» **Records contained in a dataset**
..............................

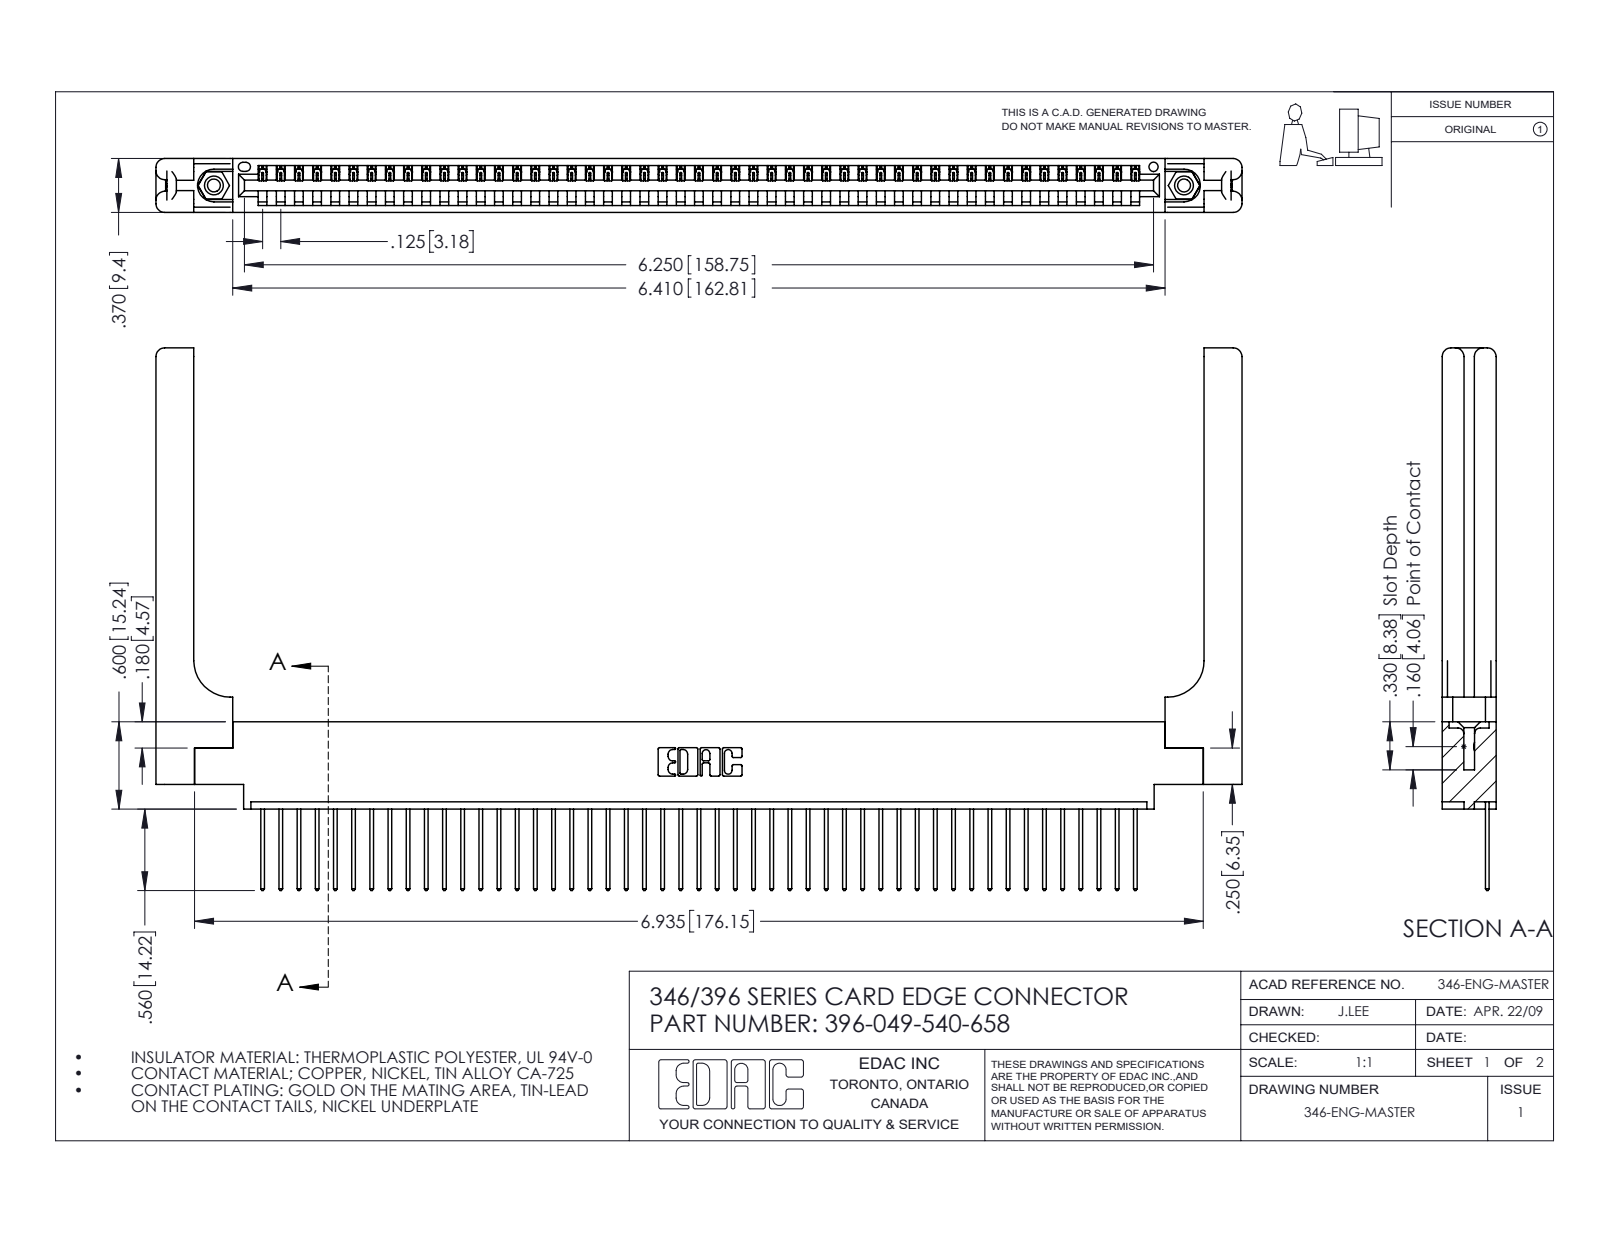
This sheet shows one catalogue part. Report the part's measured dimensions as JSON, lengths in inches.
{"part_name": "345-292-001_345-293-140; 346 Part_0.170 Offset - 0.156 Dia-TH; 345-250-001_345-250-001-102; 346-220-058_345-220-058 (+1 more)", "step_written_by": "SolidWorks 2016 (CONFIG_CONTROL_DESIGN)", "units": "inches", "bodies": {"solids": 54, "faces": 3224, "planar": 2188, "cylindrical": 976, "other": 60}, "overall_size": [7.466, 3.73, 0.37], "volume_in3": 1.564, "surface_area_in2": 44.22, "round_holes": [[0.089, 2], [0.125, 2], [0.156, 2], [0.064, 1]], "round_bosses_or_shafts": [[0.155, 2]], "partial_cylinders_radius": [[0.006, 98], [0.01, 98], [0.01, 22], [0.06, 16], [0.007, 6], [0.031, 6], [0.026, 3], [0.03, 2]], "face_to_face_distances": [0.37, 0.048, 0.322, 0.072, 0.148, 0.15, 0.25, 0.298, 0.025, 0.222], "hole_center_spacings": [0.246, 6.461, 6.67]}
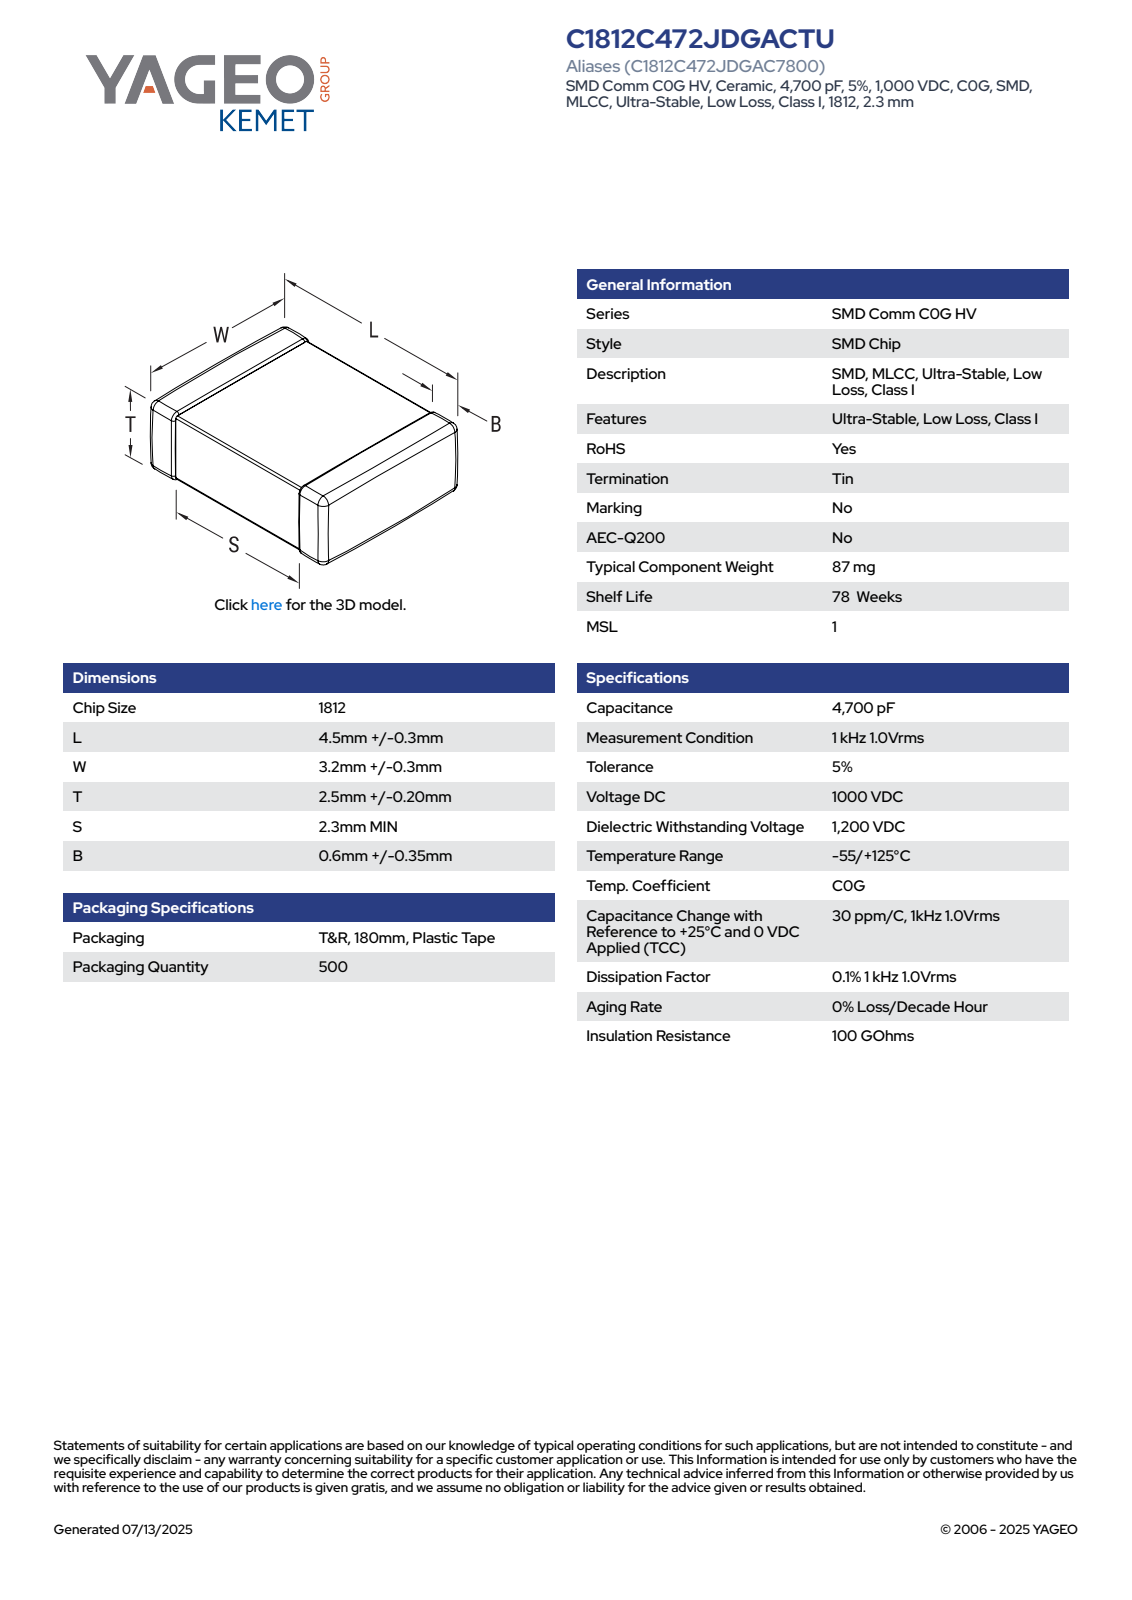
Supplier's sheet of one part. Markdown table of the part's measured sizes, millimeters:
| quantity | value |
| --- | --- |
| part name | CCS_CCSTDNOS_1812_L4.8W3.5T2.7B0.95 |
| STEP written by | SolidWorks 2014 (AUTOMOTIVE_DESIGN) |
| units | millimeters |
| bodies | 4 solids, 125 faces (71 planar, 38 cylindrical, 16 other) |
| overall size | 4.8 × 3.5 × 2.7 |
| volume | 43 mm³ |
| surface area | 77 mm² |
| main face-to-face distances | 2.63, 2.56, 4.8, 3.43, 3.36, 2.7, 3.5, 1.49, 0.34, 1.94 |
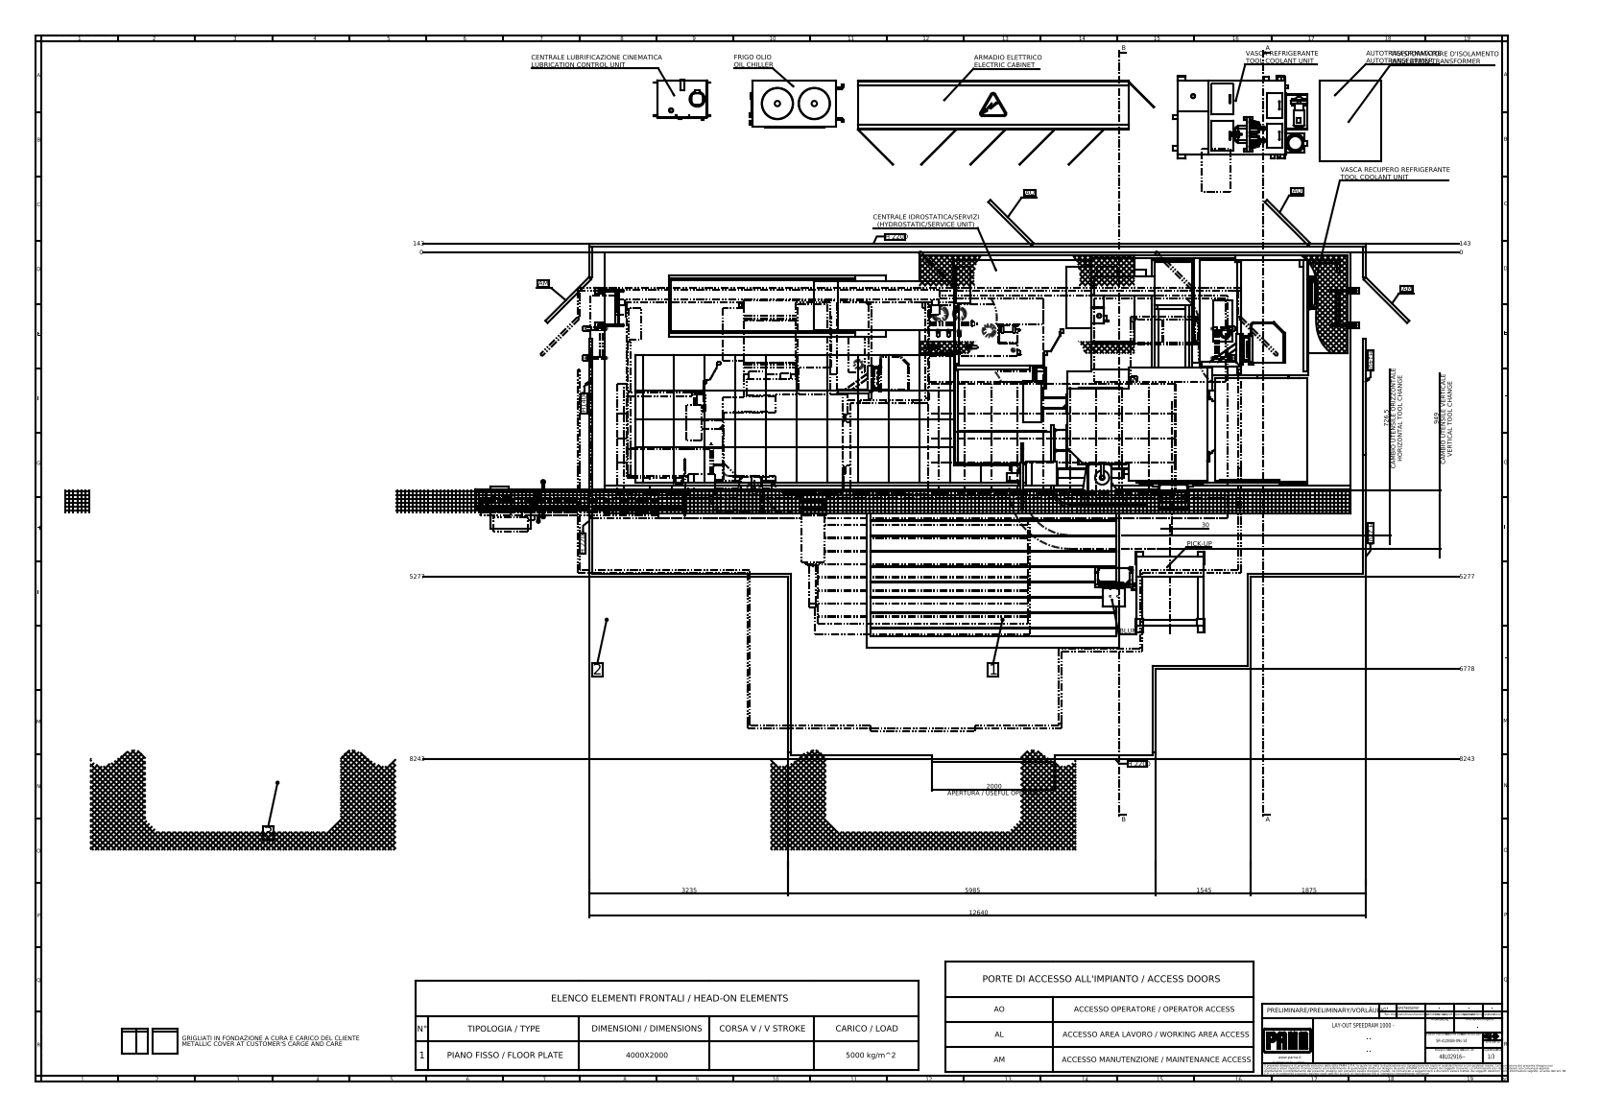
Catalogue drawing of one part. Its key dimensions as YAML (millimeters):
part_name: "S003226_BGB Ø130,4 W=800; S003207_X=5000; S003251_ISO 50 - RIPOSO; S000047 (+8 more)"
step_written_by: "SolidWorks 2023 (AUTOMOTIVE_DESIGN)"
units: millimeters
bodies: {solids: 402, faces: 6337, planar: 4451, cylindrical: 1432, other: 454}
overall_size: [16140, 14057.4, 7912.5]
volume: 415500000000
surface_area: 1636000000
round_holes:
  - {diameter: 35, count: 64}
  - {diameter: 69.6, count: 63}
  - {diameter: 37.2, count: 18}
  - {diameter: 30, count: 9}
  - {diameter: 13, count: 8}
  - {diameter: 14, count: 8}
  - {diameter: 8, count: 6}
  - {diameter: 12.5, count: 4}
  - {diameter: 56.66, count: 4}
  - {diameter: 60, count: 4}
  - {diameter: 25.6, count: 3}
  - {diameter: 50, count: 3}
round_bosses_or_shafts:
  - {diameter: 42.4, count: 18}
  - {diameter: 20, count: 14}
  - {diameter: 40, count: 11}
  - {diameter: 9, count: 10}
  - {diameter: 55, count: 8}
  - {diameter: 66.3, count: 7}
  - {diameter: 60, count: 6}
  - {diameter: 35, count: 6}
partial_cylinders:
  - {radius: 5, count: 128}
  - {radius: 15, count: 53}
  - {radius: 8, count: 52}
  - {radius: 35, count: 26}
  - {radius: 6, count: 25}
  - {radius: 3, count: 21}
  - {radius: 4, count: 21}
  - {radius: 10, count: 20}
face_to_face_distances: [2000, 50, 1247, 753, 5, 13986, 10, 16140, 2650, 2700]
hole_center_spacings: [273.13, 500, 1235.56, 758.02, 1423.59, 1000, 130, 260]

..............................

» **Exercise description**
Looking over the records, find each line with the word "solids" and copy it.

» **Response to this task**
{"part_name": "345-292-001_345-293-140; 346 Part_0.170 Offset - 0.156 Dia-TH; 345-250-001_345-250-001-102; 346-220-058_345-220-058 (+1 more)", "step_written_by": "SolidWorks 2016 (CONFIG_CONTROL_DESIGN)", "units": "inches", "bodies": {"solids": 54, "faces": 3224, "planar": 2188, "cylindrical": 976, "other": 60}, "overall_size": [7.466, 3.73, 0.37], "volume_in3": 1.564, "surface_area_in2": 44.22, "round_holes": [[0.089, 2], [0.125, 2], [0.156, 2], [0.064, 1]], "round_bosses_or_shafts": [[0.155, 2]], "partial_cylinders_radius": [[0.006, 98], [0.01, 98], [0.01, 22], [0.06, 16], [0.007, 6], [0.031, 6], [0.026, 3], [0.03, 2]], "face_to_face_distances": [0.37, 0.048, 0.322, 0.072, 0.148, 0.15, 0.25, 0.298, 0.025, 0.222], "hole_center_spacings": [0.246, 6.461, 6.67]}
| bodies | 4 solids, 125 faces (71 planar, 38 cylindrical, 16 other) |
bodies: {solids: 402, faces: 6337, planar: 4451, cylindrical: 1432, other: 454}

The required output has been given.